Gurbette çok aç yatanlar oldu, fakat kimsenin haberi olmadı; pek çok ölen oldu, onlara da kimse göz yaşı dökmedi.
“Bununla beraber şunu da düşündüm. Düşmanlar arkamdan gülerek beni kötülerler; çoluk çocuğum hakkındaki gayretimi bilmezler de bu yolda hareketimi insaniyetsiz olduğumu söyleyerek derler:
“Gece gündüz hep kendini düşündüğünden çoluk çocuğunun gecesi gündüzü olmayan şu düşüncesiz adam, âlemde rahat yüzü görmesin.”
Oysa biliyorsunuz hesap işlerinde oldukça bilgi sahibiyim. Eğer sizin aracılığınızla bir işe girebilirsem şu darlıktan kurtulur, size ömrüm oldukça minnettar kalırım.”
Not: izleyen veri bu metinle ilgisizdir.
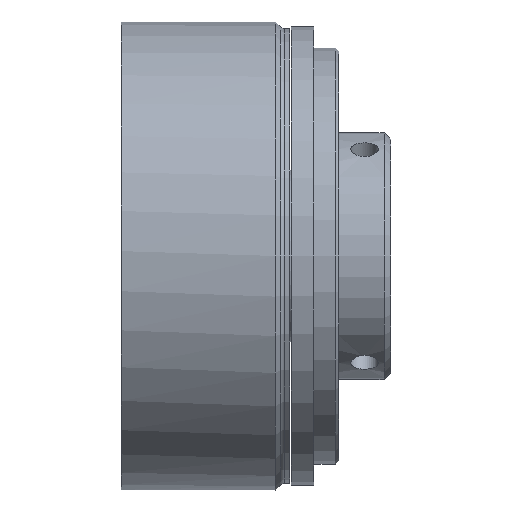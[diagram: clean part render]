
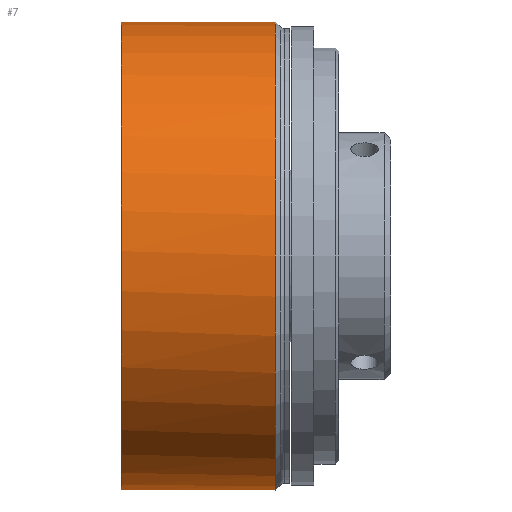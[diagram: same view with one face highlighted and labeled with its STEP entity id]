
A CAD part, front view. The second image highlights one B-rep face of the part: STEP entity #7.
In plain terms, the highlighted cylindrical face has radius 36 mm (diameter 72 mm), a full revolution.
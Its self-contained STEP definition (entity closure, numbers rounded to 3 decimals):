
#7 = ADVANCED_FACE ( 'NONE', ( #1157, #111 ), #1492, .T. ) ;
#67 = CARTESIAN_POINT ( 'NONE',  ( 23.7, 0., 0. ) ) ;
#72 = VERTEX_POINT ( 'NONE', #882 ) ;
#111 = FACE_OUTER_BOUND ( 'NONE', #1205, .T. ) ;
#192 = EDGE_CURVE ( 'NONE', #1645, #72, #1282, .T. ) ;
#208 = VERTEX_POINT ( 'NONE', #1034 ) ;
#210 = DIRECTION ( 'NONE',  ( -1., 0., 0. ) ) ;
#237 = CARTESIAN_POINT ( 'NONE',  ( 11.5, 0., 0. ) ) ;
#258 = DIRECTION ( 'NONE',  ( -1., 0., 0. ) ) ;
#326 = ORIENTED_EDGE ( 'NONE', *, *, #384, .F. ) ;
#328 = ORIENTED_EDGE ( 'NONE', *, *, #539, .F. ) ;
#384 = EDGE_CURVE ( 'NONE', #208, #917, #385, .T. ) ;
#385 = CIRCLE ( 'NONE', #864, 36. ) ;
#539 = EDGE_CURVE ( 'NONE', #917, #1645, #610, .T. ) ;
#540 = DIRECTION ( 'NONE',  ( 0., 0., 1. ) ) ;
#542 = CIRCLE ( 'NONE', #833, 36. ) ;
#545 = CARTESIAN_POINT ( 'NONE',  ( 0., 0., 0. ) ) ;
#610 = LINE ( 'NONE', #1045, #902 ) ;
#653 = DIRECTION ( 'NONE',  ( -1., 0., 0. ) ) ;
#671 = AXIS2_PLACEMENT_3D ( 'NONE', #1141, #258, #1275 ) ;
#719 = EDGE_CURVE ( 'NONE', #910, #910, #542, .T. ) ;
#736 = CARTESIAN_POINT ( 'NONE',  ( 11.5, 35.93, 2.25 ) ) ;
#752 = LINE ( 'NONE', #736, #986 ) ;
#778 = ORIENTED_EDGE ( 'NONE', *, *, #1391, .T. ) ;
#833 = AXIS2_PLACEMENT_3D ( 'NONE', #67, #1066, #963 ) ;
#849 = ORIENTED_EDGE ( 'NONE', *, *, #192, .F. ) ;
#864 = AXIS2_PLACEMENT_3D ( 'NONE', #237, #991, #1622 ) ;
#882 = CARTESIAN_POINT ( 'NONE',  ( 0., 35.93, 2.25 ) ) ;
#902 = VECTOR ( 'NONE', #1171, 1000. ) ;
#910 = VERTEX_POINT ( 'NONE', #1195 ) ;
#917 = VERTEX_POINT ( 'NONE', #1193 ) ;
#957 = AXIS2_PLACEMENT_3D ( 'NONE', #545, #653, #540 ) ;
#963 = DIRECTION ( 'NONE',  ( 0., 0., 1. ) ) ;
#986 = VECTOR ( 'NONE', #210, 1000. ) ;
#991 = DIRECTION ( 'NONE',  ( -1., 0., 0. ) ) ;
#1034 = CARTESIAN_POINT ( 'NONE',  ( 11.5, 35.93, 2.25 ) ) ;
#1045 = CARTESIAN_POINT ( 'NONE',  ( 11.5, 35.93, -2.25 ) ) ;
#1066 = DIRECTION ( 'NONE',  ( -1., 0., 0. ) ) ;
#1102 = ORIENTED_EDGE ( 'NONE', *, *, #719, .T. ) ;
#1119 = CARTESIAN_POINT ( 'NONE',  ( 0., 35.93, -2.25 ) ) ;
#1141 = CARTESIAN_POINT ( 'NONE',  ( 0., 0., 0. ) ) ;
#1157 = FACE_OUTER_BOUND ( 'NONE', #1438, .T. ) ;
#1171 = DIRECTION ( 'NONE',  ( -1., 0., 0. ) ) ;
#1193 = CARTESIAN_POINT ( 'NONE',  ( 11.5, 35.93, -2.25 ) ) ;
#1195 = CARTESIAN_POINT ( 'NONE',  ( 23.7, 0., 36. ) ) ;
#1205 = EDGE_LOOP ( 'NONE', ( #1102 ) ) ;
#1275 = DIRECTION ( 'NONE',  ( 0., 0., 1. ) ) ;
#1282 = CIRCLE ( 'NONE', #957, 36. ) ;
#1391 = EDGE_CURVE ( 'NONE', #208, #72, #752, .T. ) ;
#1438 = EDGE_LOOP ( 'NONE', ( #328, #326, #778, #849 ) ) ;
#1492 = CYLINDRICAL_SURFACE ( 'NONE', #671, 36. ) ;
#1622 = DIRECTION ( 'NONE',  ( 0., 0., 1. ) ) ;
#1645 = VERTEX_POINT ( 'NONE', #1119 ) ;
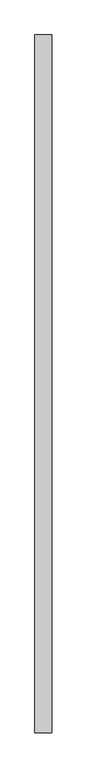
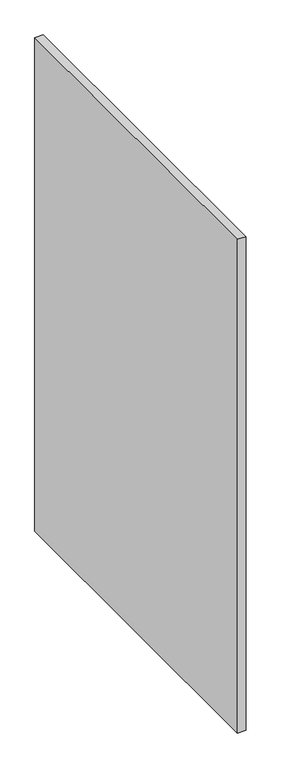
"""IFC4 building model written with IfcOpenShell, lengths in millimetres: furniture geometry, Divisoria_Lateral Fechada : Divisoria_Lateral Fechada_130x180."""

from ifc_helpers import new_model, si_unit, frame, origin, place, context, project, spatial, polyline, outline, extrude, source, transform, mapped, element, save


def furniture_6fa5bce5(model_context):
    return source(origin(), model_context, "Body", "SweptSolid", [
        extrude(outline(polyline([(59.7003264, -50.0), (29.7003264, -50.0), (29.7003264, 1195.5757206), (59.7003264, 1195.5757206), (59.7003264, -50.0)])), frame((0.0, 0.0, 50.0), z_axis=(0.0, 0.0, 1.0), x_axis=(1.0, 0.0, 0.0)), (0.0, 0.0, 1.0), 1850.0),
    ])


if __name__ == "__main__":
    model = new_model("IFC4")
    model_context = context("Model", 3, world=origin())
    ifc_project = project(units=[si_unit("LENGTHUNIT", "METRE", prefix="MILLI")], contexts=[model_context])
    site = spatial("IfcSite", under=ifc_project)
    building = spatial("IfcBuilding", under=site)
    placement = place(None, origin())
    furniture_shape = furniture_6fa5bce5(model_context)
    element("IfcFurniture", 1, ObjectType="Divisoria_Lateral Fechada : Divisoria_Lateral Fechada_130x180", at=placement, inside=building, context=model_context, shape_type="MappedRepresentation", body=[
        mapped(furniture_shape, transform((0.0, 0.0, 0.0), x_axis=(1.0, 0.0, 0.0), y_axis=(0.0, 1.0, 0.0), z_axis=(0.0, 0.0, 1.0))),
    ])
    save(model, "model.ifc")

Bunun üzerine ben şöyle dedim: “Arkadaş, devlet hizmeti iki taraflıdır. Refaha ermek imkânı olduğu gibi, canını vermek ihtimali de vardır. Bence, o ümitle bu tehlikeyi göze almak akıllı işi değildir.”
Fakirin evine tarla tezek vergisi ver, diye kimse gelmez. Fakirlik çok zordur ama, devlette makam mevki sahibi olmanın da yolu pek tehlikelidir.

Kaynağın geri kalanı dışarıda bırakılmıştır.